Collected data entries

※ ※ ※

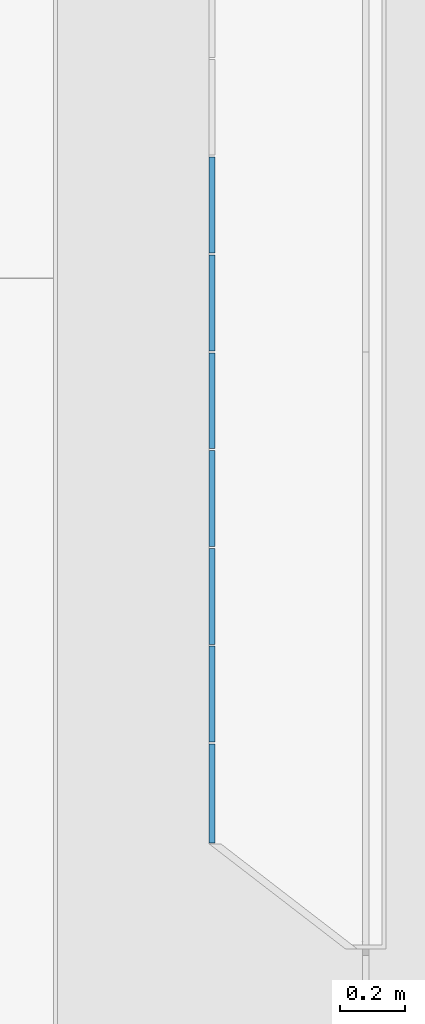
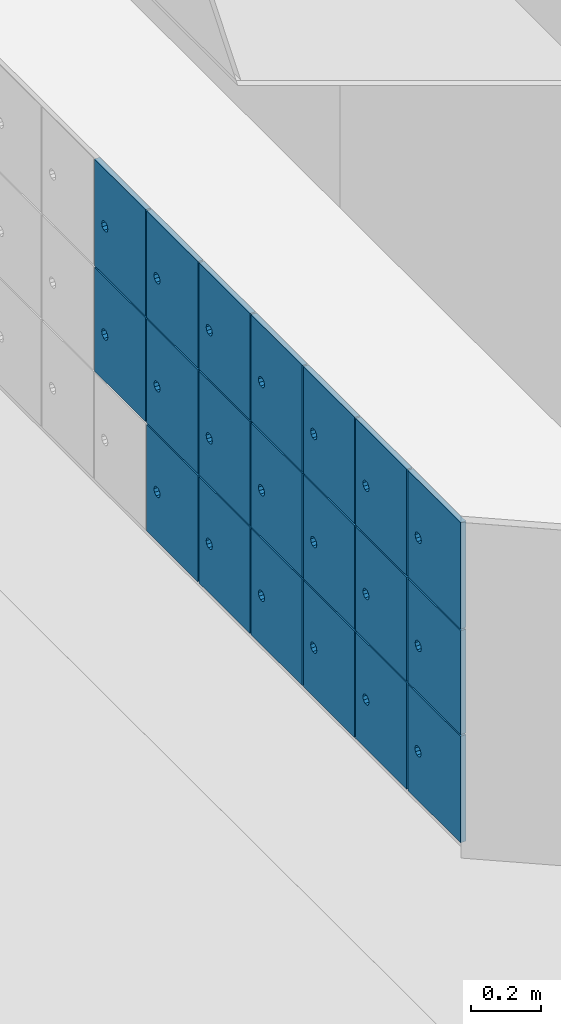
# One storey, part 141 of 347: 20 building element parts, 1 element without a shape of its own.
"""IFC2X3 building model written with IfcOpenShell, lengths in millimetres."""

from ifc_helpers import new_model, entity, si_unit, converted_unit, derived_unit, money_unit, direction, frame, origin_with_axes, place, context, subcontext, project, spatial, faceted_brep, material, type_object, element, aggregate, save


model = new_model("IFC2X3")

# Units and contexts
model_context = context("Model", 3, precision=0.01, world=origin_with_axes(), true_north=direction((0.0, 1.0)))
plan_context = context("Plan", 3, precision=0.01, world=origin_with_axes(), true_north=direction((0.0, 1.0)))
body_context = subcontext(model_context, "Body", "Model", "MODEL_VIEW")
ifc_project = project(units=[si_unit("LENGTHUNIT", "METRE", prefix="MILLI"), si_unit("AREAUNIT", "SQUARE_METRE"), si_unit("VOLUMEUNIT", "CUBIC_METRE"), converted_unit("PLANEANGLEUNIT", "DEGREE", entity("IfcPlaneAngleMeasure", 0.0174532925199), si_unit("PLANEANGLEUNIT", "RADIAN"), dimensions=[0, 0, 0, 0, 0, 0, 0]), money_unit("EUR"), converted_unit("TIMEUNIT", "Year", entity("IfcTimeMeasure", 31556926.0), si_unit("TIMEUNIT", "SECOND"), dimensions=[0, 0, 1, 0, 0, 0, 0]), si_unit("MASSUNIT", "GRAM", prefix="KILO"), si_unit("THERMODYNAMICTEMPERATUREUNIT", "DEGREE_CELSIUS"), si_unit("LUMINOUSINTENSITYUNIT", "LUMEN"), si_unit("ENERGYUNIT", "JOULE", prefix="MEGA"), derived_unit("THERMALCONDUCTANCEUNIT", [(si_unit("POWERUNIT", "WATT"), 1), (si_unit("LENGTHUNIT", "METRE"), -1), (si_unit("THERMODYNAMICTEMPERATUREUNIT", "KELVIN"), -1)]), derived_unit("SPECIFICHEATCAPACITYUNIT", [(si_unit("ENERGYUNIT", "JOULE"), 1), (si_unit("MASSUNIT", "GRAM", prefix="KILO"), -1), (si_unit("THERMODYNAMICTEMPERATUREUNIT", "KELVIN"), -1)]), derived_unit("MASSDENSITYUNIT", [(si_unit("MASSUNIT", "GRAM", prefix="KILO"), 1), (si_unit("VOLUMEUNIT", "CUBIC_METRE"), -1)])], contexts=[model_context, plan_context])

# Site, building, storey
site_placement = place(None, origin_with_axes())
site = spatial("IfcSite", under=ifc_project, at=site_placement, Name="Site", CompositionType="ELEMENT")
building_placement = place(site_placement, origin_with_axes())
building = spatial("IfcBuilding", under=site, at=building_placement, Name="Naam gebouw", CompositionType="ELEMENT")
storey_placement = place(building_placement, origin_with_axes())
storey = spatial("IfcBuildingStorey", under=building, at=storey_placement, Name="begane grond", CompositionType="ELEMENT", Elevation=0.0)

# Beam, building element parts
beam_type = type_object("IfcBeamType", Name="VI Garderobe 01 3012 x 1122", PredefinedType="BEAM")
beam_placement = place(storey_placement, frame((47531.9720234, 32105.5, 0.0), z_axis=(0.0, 0.0, 1.0), x_axis=(0.0, -1.0, 0.0)))
beam = element("IfcBeam", 1, at=beam_placement, inside=storey, type_object=beam_type, Name="28_Balk-x", ObjectType="BEAM")
ifc_material = material(Name="Hout - Lockers")
building_element_part_1_placement = place(beam_placement, origin_with_axes())
building_element_part_1 = element("IfcBuildingElementPart", 2, at=building_element_part_1_placement, material=ifc_material, Name="Hout - Lockers", context=body_context, shape_type="Brep", body=[
    faceted_brep([(2709.0, 18.0, 1175.0), (2709.0, 18.0, 802.0), (2709.0, 0.0, 802.0), (2709.0, 0.0, 1175.0), (3012.0, 18.0, 1175.0), (3012.0, 18.0, 802.0), (2787.0, 18.0, 975.0), (2783.5623059, 18.0, 985.580134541), (2774.5623059, 18.0, 992.119017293), (2763.4376941, 18.0, 992.119017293), (2754.4376941, 18.0, 985.580134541), (2751.0, 18.0, 975.0), (2754.4376941, 18.0, 964.419865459), (2763.4376941, 18.0, 957.880982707), (2774.5623059, 18.0, 957.880982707), (2783.5623059, 18.0, 964.419865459), (3012.0, 0.0, 802.0), (3012.0, 0.0, 1175.0), (2787.0, 0.0, 975.0), (2783.5623059, 0.0, 964.419865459), (2774.5623059, 0.0, 957.880982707), (2763.4376941, 0.0, 957.880982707), (2754.4376941, 0.0, 964.419865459), (2751.0, 0.0, 975.0), (2754.4376941, 0.0, 985.580134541), (2763.4376941, 0.0, 992.119017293), (2774.5623059, 0.0, 992.119017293), (2783.5623059, 0.0, 985.580134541)], [[[0, 1, 2, 3]], [[0, 4, 5, 1], [6, 7, 8, 9, 10, 11, 12, 13, 14, 15]], [[1, 5, 16, 2]], [[3, 2, 16, 17], [18, 19, 20, 21, 22, 23, 24, 25, 26, 27]], [[4, 0, 3, 17]], [[5, 4, 17, 16]], [[7, 6, 18, 27]], [[8, 7, 27, 26]], [[9, 8, 26, 25]], [[10, 9, 25, 24]], [[11, 10, 24, 23]], [[12, 11, 23, 22]], [[13, 12, 22, 21]], [[14, 13, 21, 20]], [[15, 14, 20, 19]], [[6, 15, 19, 18]]]),
])
building_element_part_2_placement = place(beam_placement, origin_with_axes())
building_element_part_2 = element("IfcBuildingElementPart", 3, at=building_element_part_2_placement, material=ifc_material, Name="Hout - Lockers", context=body_context, shape_type="Brep", body=[
    faceted_brep([(2709.0, 18.0, 796.0), (2709.0, 18.0, 432.0), (2709.0, 0.0, 432.0), (2709.0, 0.0, 796.0), (3012.0, 18.0, 796.0), (3012.0, 18.0, 432.0), (2787.0, 18.0, 596.0), (2783.5623059, 18.0, 606.580134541), (2774.5623059, 18.0, 613.119017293), (2763.4376941, 18.0, 613.119017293), (2754.4376941, 18.0, 606.580134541), (2751.0, 18.0, 596.0), (2754.4376941, 18.0, 585.419865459), (2763.4376941, 18.0, 578.880982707), (2774.5623059, 18.0, 578.880982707), (2783.5623059, 18.0, 585.419865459), (3012.0, 0.0, 432.0), (3012.0, 0.0, 796.0), (2787.0, 0.0, 596.0), (2783.5623059, 0.0, 585.419865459), (2774.5623059, 0.0, 578.880982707), (2763.4376941, 0.0, 578.880982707), (2754.4376941, 0.0, 585.419865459), (2751.0, 0.0, 596.0), (2754.4376941, 0.0, 606.580134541), (2763.4376941, 0.0, 613.119017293), (2774.5623059, 0.0, 613.119017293), (2783.5623059, 0.0, 606.580134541)], [[[0, 1, 2, 3]], [[0, 4, 5, 1], [6, 7, 8, 9, 10, 11, 12, 13, 14, 15]], [[1, 5, 16, 2]], [[3, 2, 16, 17], [18, 19, 20, 21, 22, 23, 24, 25, 26, 27]], [[4, 0, 3, 17]], [[5, 4, 17, 16]], [[7, 6, 18, 27]], [[8, 7, 27, 26]], [[9, 8, 26, 25]], [[10, 9, 25, 24]], [[11, 10, 24, 23]], [[12, 11, 23, 22]], [[13, 12, 22, 21]], [[14, 13, 21, 20]], [[15, 14, 20, 19]], [[6, 15, 19, 18]]]),
])
building_element_part_3_placement = place(beam_placement, origin_with_axes())
building_element_part_3 = element("IfcBuildingElementPart", 4, at=building_element_part_3_placement, material=ifc_material, Name="Hout - Lockers", context=body_context, shape_type="Brep", body=[
    faceted_brep([(2709.0, 18.0, 426.0), (2709.0, 18.0, 53.0), (2709.0, 0.0, 53.0), (2709.0, 0.0, 426.0), (3012.0, 18.0, 426.0), (3012.0, 18.0, 53.0), (2785.5992825, 18.0, 226.009810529), (2782.1615884, 18.0, 236.58994507), (2773.1615884, 18.0, 243.128827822), (2762.0369766, 18.0, 243.128827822), (2753.0369766, 18.0, 236.58994507), (2749.5992825, 18.0, 226.009810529), (2753.0369766, 18.0, 215.429675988), (2762.0369766, 18.0, 208.890793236), (2773.1615884, 18.0, 208.890793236), (2782.1615884, 18.0, 215.429675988), (3012.0, 0.0, 53.0), (3012.0, 0.0, 426.0), (2785.5992825, 0.0, 226.009810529), (2782.1615884, 0.0, 215.429675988), (2773.1615884, 0.0, 208.890793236), (2762.0369766, 0.0, 208.890793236), (2753.0369766, 0.0, 215.429675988), (2749.5992825, 0.0, 226.009810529), (2753.0369766, 0.0, 236.58994507), (2762.0369766, 0.0, 243.128827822), (2773.1615884, 0.0, 243.128827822), (2782.1615884, 0.0, 236.58994507)], [[[0, 1, 2, 3]], [[0, 4, 5, 1], [6, 7, 8, 9, 10, 11, 12, 13, 14, 15]], [[1, 5, 16, 2]], [[3, 2, 16, 17], [18, 19, 20, 21, 22, 23, 24, 25, 26, 27]], [[4, 0, 3, 17]], [[5, 4, 17, 16]], [[7, 6, 18, 27]], [[8, 7, 27, 26]], [[9, 8, 26, 25]], [[10, 9, 25, 24]], [[11, 10, 24, 23]], [[12, 11, 23, 22]], [[13, 12, 22, 21]], [[14, 13, 21, 20]], [[15, 14, 20, 19]], [[6, 15, 19, 18]]]),
])
building_element_part_4_placement = place(beam_placement, origin_with_axes())
building_element_part_4 = element("IfcBuildingElementPart", 5, at=building_element_part_4_placement, material=ifc_material, Name="Hout - Lockers", context=body_context, shape_type="Brep", body=[
    faceted_brep([(2109.0, 18.0, 1175.0), (2109.0, 18.0, 802.0), (2109.0, 0.0, 802.0), (2109.0, 0.0, 1175.0), (2403.0, 18.0, 1175.0), (2403.0, 18.0, 802.0), (2187.0, 18.0, 975.0), (2183.5623059, 18.0, 985.580134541), (2174.5623059, 18.0, 992.119017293), (2163.4376941, 18.0, 992.119017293), (2154.4376941, 18.0, 985.580134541), (2151.0, 18.0, 975.0), (2154.4376941, 18.0, 964.419865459), (2163.4376941, 18.0, 957.880982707), (2174.5623059, 18.0, 957.880982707), (2183.5623059, 18.0, 964.419865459), (2403.0, 0.0, 802.0), (2403.0, 0.0, 1175.0), (2187.0, 0.0, 975.0), (2183.5623059, 0.0, 964.419865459), (2174.5623059, 0.0, 957.880982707), (2163.4376941, 0.0, 957.880982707), (2154.4376941, 0.0, 964.419865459), (2151.0, 0.0, 975.0), (2154.4376941, 0.0, 985.580134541), (2163.4376941, 0.0, 992.119017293), (2174.5623059, 0.0, 992.119017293), (2183.5623059, 0.0, 985.580134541)], [[[0, 1, 2, 3]], [[0, 4, 5, 1], [6, 7, 8, 9, 10, 11, 12, 13, 14, 15]], [[1, 5, 16, 2]], [[3, 2, 16, 17], [18, 19, 20, 21, 22, 23, 24, 25, 26, 27]], [[4, 0, 3, 17]], [[5, 4, 17, 16]], [[7, 6, 18, 27]], [[8, 7, 27, 26]], [[9, 8, 26, 25]], [[10, 9, 25, 24]], [[11, 10, 24, 23]], [[12, 11, 23, 22]], [[13, 12, 22, 21]], [[14, 13, 21, 20]], [[15, 14, 20, 19]], [[6, 15, 19, 18]]]),
])
building_element_part_5_placement = place(beam_placement, origin_with_axes())
building_element_part_5 = element("IfcBuildingElementPart", 6, at=building_element_part_5_placement, material=ifc_material, Name="Hout - Lockers", context=body_context, shape_type="Brep", body=[
    faceted_brep([(2109.0, 18.0, 796.0), (2109.0, 18.0, 432.0), (2109.0, 0.0, 432.0), (2109.0, 0.0, 796.0), (2403.0, 18.0, 796.0), (2403.0, 18.0, 432.0), (2187.0, 18.0, 596.0), (2183.5623059, 18.0, 606.580134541), (2174.5623059, 18.0, 613.119017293), (2163.4376941, 18.0, 613.119017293), (2154.4376941, 18.0, 606.580134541), (2151.0, 18.0, 596.0), (2154.4376941, 18.0, 585.419865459), (2163.4376941, 18.0, 578.880982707), (2174.5623059, 18.0, 578.880982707), (2183.5623059, 18.0, 585.419865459), (2403.0, 0.0, 432.0), (2403.0, 0.0, 796.0), (2187.0, 0.0, 596.0), (2183.5623059, 0.0, 585.419865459), (2174.5623059, 0.0, 578.880982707), (2163.4376941, 0.0, 578.880982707), (2154.4376941, 0.0, 585.419865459), (2151.0, 0.0, 596.0), (2154.4376941, 0.0, 606.580134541), (2163.4376941, 0.0, 613.119017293), (2174.5623059, 0.0, 613.119017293), (2183.5623059, 0.0, 606.580134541)], [[[0, 1, 2, 3]], [[0, 4, 5, 1], [6, 7, 8, 9, 10, 11, 12, 13, 14, 15]], [[1, 5, 16, 2]], [[3, 2, 16, 17], [18, 19, 20, 21, 22, 23, 24, 25, 26, 27]], [[4, 0, 3, 17]], [[5, 4, 17, 16]], [[7, 6, 18, 27]], [[8, 7, 27, 26]], [[9, 8, 26, 25]], [[10, 9, 25, 24]], [[11, 10, 24, 23]], [[12, 11, 23, 22]], [[13, 12, 22, 21]], [[14, 13, 21, 20]], [[15, 14, 20, 19]], [[6, 15, 19, 18]]]),
])
building_element_part_6_placement = place(beam_placement, origin_with_axes())
building_element_part_6 = element("IfcBuildingElementPart", 7, at=building_element_part_6_placement, material=ifc_material, Name="Hout - Lockers", context=body_context, shape_type="Brep", body=[
    faceted_brep([(2109.0, 18.0, 426.0), (2109.0, 18.0, 53.0), (2109.0, 0.0, 53.0), (2109.0, 0.0, 426.0), (2403.0, 18.0, 426.0), (2403.0, 18.0, 53.0), (2187.0, 18.0, 226.0), (2183.5623059, 18.0, 236.580134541), (2174.5623059, 18.0, 243.119017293), (2163.4376941, 18.0, 243.119017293), (2154.4376941, 18.0, 236.580134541), (2151.0, 18.0, 226.0), (2154.4376941, 18.0, 215.419865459), (2163.4376941, 18.0, 208.880982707), (2174.5623059, 18.0, 208.880982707), (2183.5623059, 18.0, 215.419865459), (2403.0, 0.0, 53.0), (2403.0, 0.0, 426.0), (2187.0, 0.0, 226.0), (2183.5623059, 0.0, 215.419865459), (2174.5623059, 0.0, 208.880982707), (2163.4376941, 0.0, 208.880982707), (2154.4376941, 0.0, 215.419865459), (2151.0, 0.0, 226.0), (2154.4376941, 0.0, 236.580134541), (2163.4376941, 0.0, 243.119017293), (2174.5623059, 0.0, 243.119017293), (2183.5623059, 0.0, 236.580134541)], [[[0, 1, 2, 3]], [[0, 4, 5, 1], [6, 7, 8, 9, 10, 11, 12, 13, 14, 15]], [[1, 5, 16, 2]], [[3, 2, 16, 17], [18, 19, 20, 21, 22, 23, 24, 25, 26, 27]], [[4, 0, 3, 17]], [[5, 4, 17, 16]], [[7, 6, 18, 27]], [[8, 7, 27, 26]], [[9, 8, 26, 25]], [[10, 9, 25, 24]], [[11, 10, 24, 23]], [[12, 11, 23, 22]], [[13, 12, 22, 21]], [[14, 13, 21, 20]], [[15, 14, 20, 19]], [[6, 15, 19, 18]]]),
])
building_element_part_7_placement = place(beam_placement, origin_with_axes())
building_element_part_7 = element("IfcBuildingElementPart", 8, at=building_element_part_7_placement, material=ifc_material, Name="Hout - Lockers", context=body_context, shape_type="Brep", body=[
    faceted_brep([(1209.0, 18.0, 1175.0), (1209.0, 18.0, 802.0), (1209.0, 0.0, 802.0), (1209.0, 0.0, 1175.0), (1503.0, 18.0, 1175.0), (1503.0, 18.0, 802.0), (1287.0, 18.0, 975.0), (1283.5623059, 18.0, 985.580134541), (1274.5623059, 18.0, 992.119017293), (1263.4376941, 18.0, 992.119017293), (1254.4376941, 18.0, 985.580134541), (1251.0, 18.0, 975.0), (1254.4376941, 18.0, 964.419865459), (1263.4376941, 18.0, 957.880982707), (1274.5623059, 18.0, 957.880982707), (1283.5623059, 18.0, 964.419865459), (1503.0, 0.0, 802.0), (1503.0, 0.0, 1175.0), (1287.0, 0.0, 975.0), (1283.5623059, 0.0, 964.419865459), (1274.5623059, 0.0, 957.880982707), (1263.4376941, 0.0, 957.880982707), (1254.4376941, 0.0, 964.419865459), (1251.0, 0.0, 975.0), (1254.4376941, 0.0, 985.580134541), (1263.4376941, 0.0, 992.119017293), (1274.5623059, 0.0, 992.119017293), (1283.5623059, 0.0, 985.580134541)], [[[0, 1, 2, 3]], [[0, 4, 5, 1], [6, 7, 8, 9, 10, 11, 12, 13, 14, 15]], [[1, 5, 16, 2]], [[3, 2, 16, 17], [18, 19, 20, 21, 22, 23, 24, 25, 26, 27]], [[4, 0, 3, 17]], [[5, 4, 17, 16]], [[7, 6, 18, 27]], [[8, 7, 27, 26]], [[9, 8, 26, 25]], [[10, 9, 25, 24]], [[11, 10, 24, 23]], [[12, 11, 23, 22]], [[13, 12, 22, 21]], [[14, 13, 21, 20]], [[15, 14, 20, 19]], [[6, 15, 19, 18]]]),
])
building_element_part_8_placement = place(beam_placement, origin_with_axes())
building_element_part_8 = element("IfcBuildingElementPart", 9, at=building_element_part_8_placement, material=ifc_material, Name="Hout - Lockers", context=body_context, shape_type="Brep", body=[
    faceted_brep([(1209.0, 18.0, 796.0), (1209.0, 18.0, 432.0), (1209.0, 0.0, 432.0), (1209.0, 0.0, 796.0), (1503.0, 18.0, 796.0), (1503.0, 18.0, 432.0), (1287.0, 18.0, 596.0), (1283.5623059, 18.0, 606.580134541), (1274.5623059, 18.0, 613.119017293), (1263.4376941, 18.0, 613.119017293), (1254.4376941, 18.0, 606.580134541), (1251.0, 18.0, 596.0), (1254.4376941, 18.0, 585.419865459), (1263.4376941, 18.0, 578.880982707), (1274.5623059, 18.0, 578.880982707), (1283.5623059, 18.0, 585.419865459), (1503.0, 0.0, 432.0), (1503.0, 0.0, 796.0), (1287.0, 0.0, 596.0), (1283.5623059, 0.0, 585.419865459), (1274.5623059, 0.0, 578.880982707), (1263.4376941, 0.0, 578.880982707), (1254.4376941, 0.0, 585.419865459), (1251.0, 0.0, 596.0), (1254.4376941, 0.0, 606.580134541), (1263.4376941, 0.0, 613.119017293), (1274.5623059, 0.0, 613.119017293), (1283.5623059, 0.0, 606.580134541)], [[[0, 1, 2, 3]], [[0, 4, 5, 1], [6, 7, 8, 9, 10, 11, 12, 13, 14, 15]], [[1, 5, 16, 2]], [[3, 2, 16, 17], [18, 19, 20, 21, 22, 23, 24, 25, 26, 27]], [[4, 0, 3, 17]], [[5, 4, 17, 16]], [[7, 6, 18, 27]], [[8, 7, 27, 26]], [[9, 8, 26, 25]], [[10, 9, 25, 24]], [[11, 10, 24, 23]], [[12, 11, 23, 22]], [[13, 12, 22, 21]], [[14, 13, 21, 20]], [[15, 14, 20, 19]], [[6, 15, 19, 18]]]),
])
building_element_part_9_placement = place(beam_placement, origin_with_axes())
building_element_part_9 = element("IfcBuildingElementPart", 10, at=building_element_part_9_placement, material=ifc_material, Name="Hout - Lockers", context=body_context, shape_type="Brep", body=[
    faceted_brep([(1209.0, 18.0, 426.0), (1209.0, 18.0, 53.0), (1209.0, 0.0, 53.0), (1209.0, 0.0, 426.0), (1503.0, 18.0, 426.0), (1503.0, 18.0, 53.0), (1287.0, 18.0, 226.0), (1283.5623059, 18.0, 236.580134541), (1274.5623059, 18.0, 243.119017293), (1263.4376941, 18.0, 243.119017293), (1254.4376941, 18.0, 236.580134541), (1251.0, 18.0, 226.0), (1254.4376941, 18.0, 215.419865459), (1263.4376941, 18.0, 208.880982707), (1274.5623059, 18.0, 208.880982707), (1283.5623059, 18.0, 215.419865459), (1503.0, 0.0, 53.0), (1503.0, 0.0, 426.0), (1287.0, 0.0, 226.0), (1283.5623059, 0.0, 215.419865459), (1274.5623059, 0.0, 208.880982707), (1263.4376941, 0.0, 208.880982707), (1254.4376941, 0.0, 215.419865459), (1251.0, 0.0, 226.0), (1254.4376941, 0.0, 236.580134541), (1263.4376941, 0.0, 243.119017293), (1274.5623059, 0.0, 243.119017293), (1283.5623059, 0.0, 236.580134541)], [[[0, 1, 2, 3]], [[0, 4, 5, 1], [6, 7, 8, 9, 10, 11, 12, 13, 14, 15]], [[1, 5, 16, 2]], [[3, 2, 16, 17], [18, 19, 20, 21, 22, 23, 24, 25, 26, 27]], [[4, 0, 3, 17]], [[5, 4, 17, 16]], [[7, 6, 18, 27]], [[8, 7, 27, 26]], [[9, 8, 26, 25]], [[10, 9, 25, 24]], [[11, 10, 24, 23]], [[12, 11, 23, 22]], [[13, 12, 22, 21]], [[14, 13, 21, 20]], [[15, 14, 20, 19]], [[6, 15, 19, 18]]]),
])
building_element_part_10_placement = place(beam_placement, origin_with_axes())
building_element_part_10 = element("IfcBuildingElementPart", 11, at=building_element_part_10_placement, material=ifc_material, Name="Hout - Lockers", context=body_context, shape_type="Brep", body=[
    faceted_brep([(909.0, 18.0, 1175.0), (909.0, 18.0, 802.0), (909.0, 0.0, 802.0), (909.0, 0.0, 1175.0), (1203.0, 18.0, 1175.0), (1203.0, 18.0, 802.0), (987.0, 18.0, 975.0), (983.562305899, 18.0, 985.580134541), (974.562305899, 18.0, 992.119017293), (963.437694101, 18.0, 992.119017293), (954.437694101, 18.0, 985.580134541), (951.0, 18.0, 975.0), (954.437694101, 18.0, 964.419865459), (963.437694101, 18.0, 957.880982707), (974.562305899, 18.0, 957.880982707), (983.562305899, 18.0, 964.419865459), (1203.0, 0.0, 802.0), (1203.0, 0.0, 1175.0), (987.0, 0.0, 975.0), (983.562305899, 0.0, 964.419865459), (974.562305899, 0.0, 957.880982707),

※ ※ ※

▸ THE PROBLEM: Find all the lines with "world" in the data and copy them.

▸ WRITTEN REPLY:
model_context = context("Model", 3, precision=0.01, world=origin_with_axes(), true_north=direction((0.0, 1.0)))
plan_context = context("Plan", 3, precision=0.01, world=origin_with_axes(), true_north=direction((0.0, 1.0)))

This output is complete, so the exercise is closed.